FPGA Technology Mapping Using Sketch-Guided Program Synthesis

TL;DR

This work introduces Lakeroad, a principled approach to technology mapping via sketch-guided program synthesis that leverages two techniques---architecture-independent sketch templates and semantics extraction from HDL---to provide extensible technology mapping with stronger correctness guarantees and higher coverage of mapping opportunities than state-of-the-art tools.

Abstract

FPGA technology mapping is the process of implementing a hardware design expressed in high-level HDL (hardware design language) code using the low-level, architecture-specific primitives of the target FPGA. As FPGAs become increasingly heterogeneous, achieving high performance requires hardware synthesis tools that better support mapping to complex, highly configurable primitives like digital signal processors (DSPs).
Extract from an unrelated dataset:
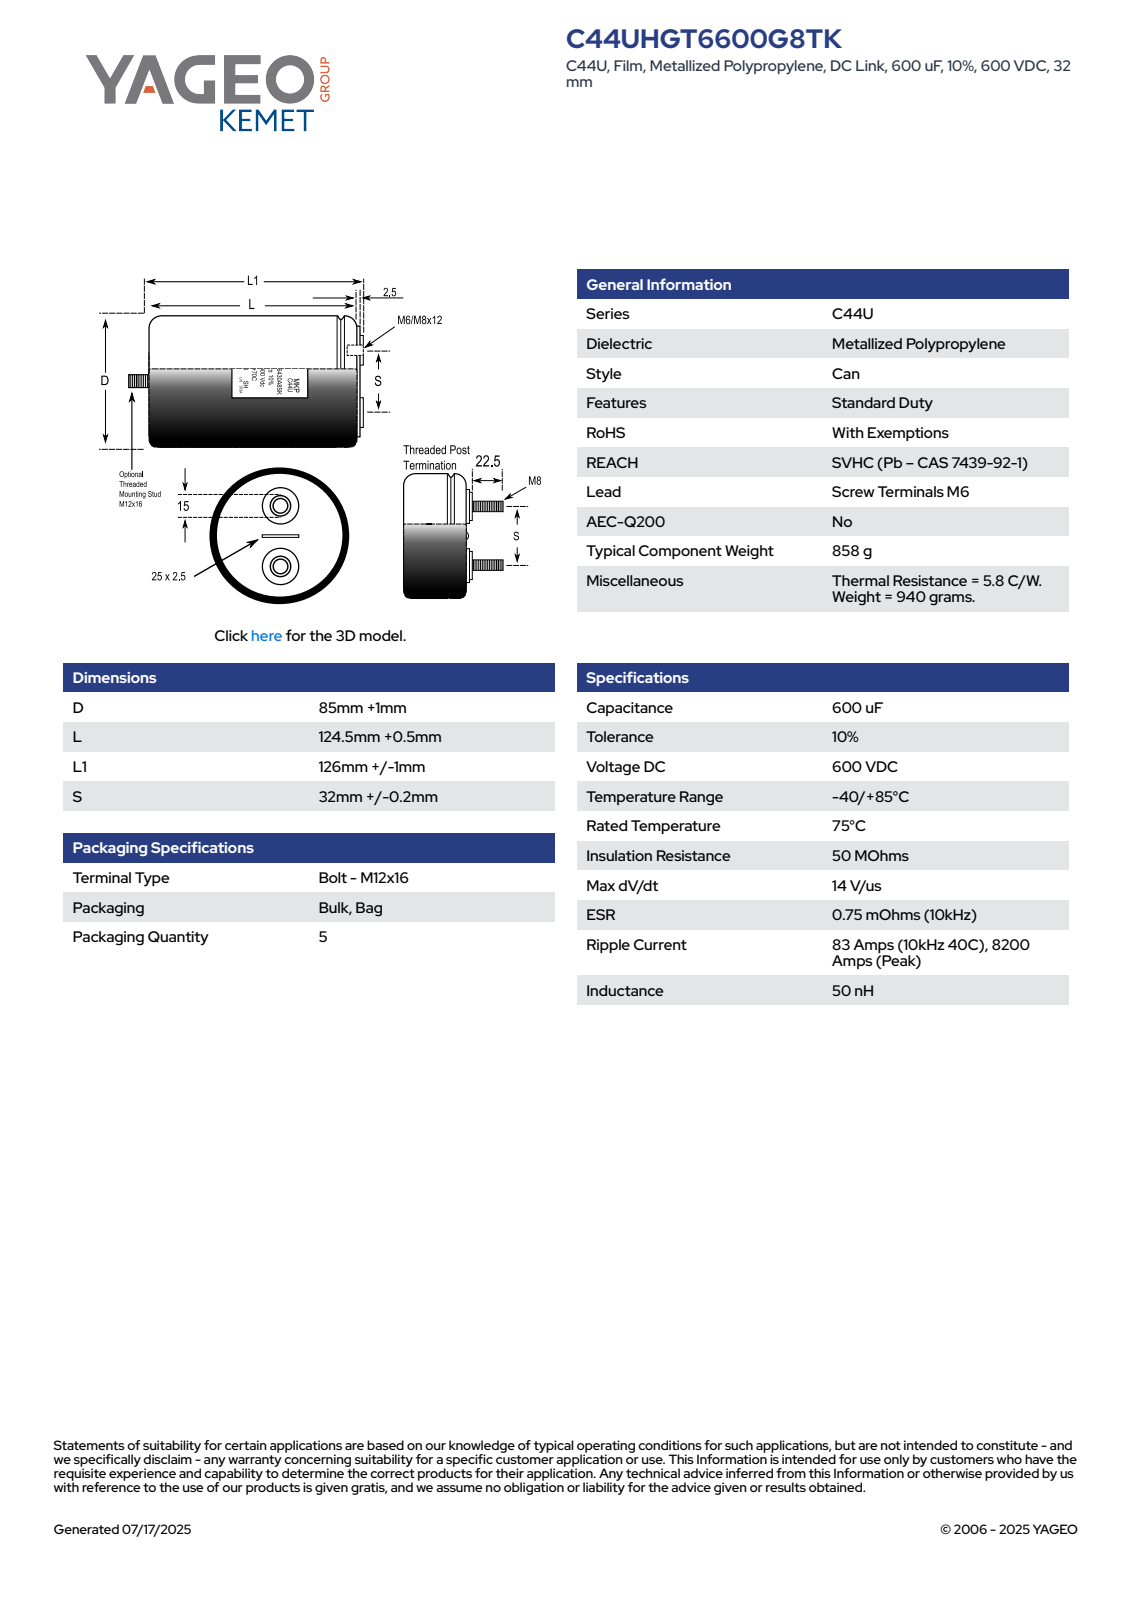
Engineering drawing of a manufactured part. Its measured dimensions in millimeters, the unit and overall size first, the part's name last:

Current tools support DSP mapping via handwritten special-case mapping rules, which are laborious to write, error-prone, and often overlook mapping opportunities. We introduce Lakeroad, a principled approach to technology mapping via sketch-guided program synthesis. Lakeroad leverages two techniques -- architecture-independent sketch templates and semantics extraction from HDL -- to provide extensible technology mapping with stronger correctness guarantees and higher coverage of mapping opportunities than state-of-the-art tools. Across representative microbenchmarks, Lakeroad produces 2--3.5$\times$ the number of optimal mappings compared to proprietary state-of-the-art tools and 6--44$\times$ the number of optimal mappings compared to popular open-source tools, while also providing correctness guarantees not given by any other tool.